Ark. La. Gas Co. v. Lawrence

389 S.W.2d 431 | Ark. | 1965

Jim Johnson, Associate Justice.

This condemnation appeal involves the admissibility of a plat or survey.

Appellant Arkansas Louisiana Gas Company filed its complaint in Hot Spring Circuit Court on June 4, 1963, against appellees Margaret and T. F. Lawrence seeking to acquire a fifty foot easement for a pipeline across appellees ’ property. Appellant deposited $176 into the registry of the court. The case was tried to a jury on June 29, 1964, and the jury returned a verdict for appellees in the sum of $800.00.

At trial one of the appellees testified that they owned a twenty acre parcel of land (which the gasline easement crosses) and that he contemplated using the property for a housing project. He introduced a plat of the twenty acre tract, made by someone not called as a witness, showing the property laid out in 52 lots. Appellant’s objection to the introduction of the plat was overruled by the trial court. On this point appellant has appealed, urging that the court erred in permitting the introduction into evidence of an unauthenticated private plat. Appellee’s testimony about value of the individual lots, which was clearly not admissible (Arkansas State Highway Commission v. Watkins, 229 Ark. 27, 313 S. W. 2d 86), was not objected to.
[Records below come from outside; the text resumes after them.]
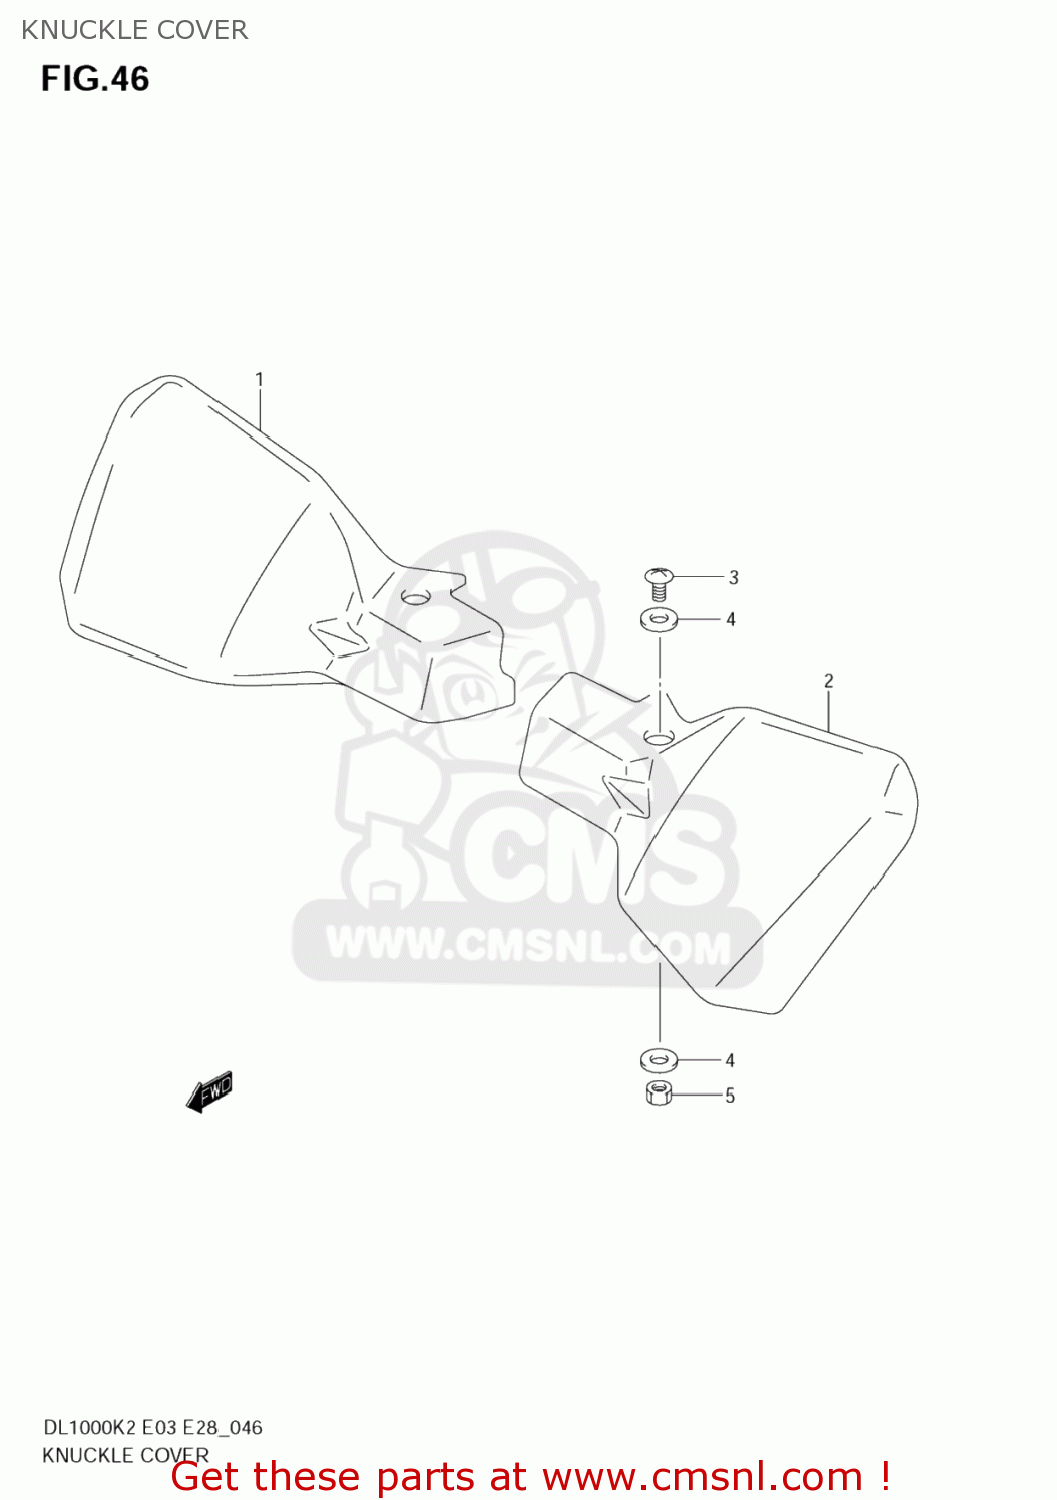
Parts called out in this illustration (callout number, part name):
1	COVER,KNUCKLE,
2	COVER,KNUCKLE,L
3	SCREW
4	WASHER(6.5X16X1.6)
5	NUT 6MM

It is not necessary for us to decide whether appellee could have authenticated a plat without testimony of the maker. Maps or plats of subdivisions have properly been admitted into evidence in condemnation cases (Arkansas State Highway Commission v. O. & B., Inc., 227 Ark. 739, 301 S. W. 2d 309; Arkansas State Highway Commission v. Witkowski, 236 Ark. 66, 364 S. W. 2d 309) for certain purposes, where a subdivision is in esse at the time of the taking. In the case at bar, however, appellee admitted on cross-examination that the man who surveyed his property staked each corner of each lot, but the stakes were no longer there, that the plat had never been filed [Ark. Stat. Ann. § 17-1201 et seq. (Supp. 1963)], the road shown on the plat had not been dedicated or, apparently, even built, and certainly there was no evidence that any lot had ever been offered for sale. Thus, no subdivision existed. The plat, showing lots, was not a fair representation of the property at the time of the taking. Howell v. Baskins, 213 Ark. 665, 212 S. W. 2d 353; Sanders v. Walden, 214 Ark. 523, 217 S. W. 2d 357. As said in 32 C. J.S., Evidence, § 730, p.1050:

‘ ‘ Generally, a map . . . must be accurate in order to warrant its admission, that is to say, the paper must correctly represent the situation as it existed at the time under consideration; and a diagram showing a hypothetical condition and not shown to represent any condition actually existing, . . . is not admissible. ”

For the error in the introduction of the plat, the case is reversed and the cause remanded for a new trial.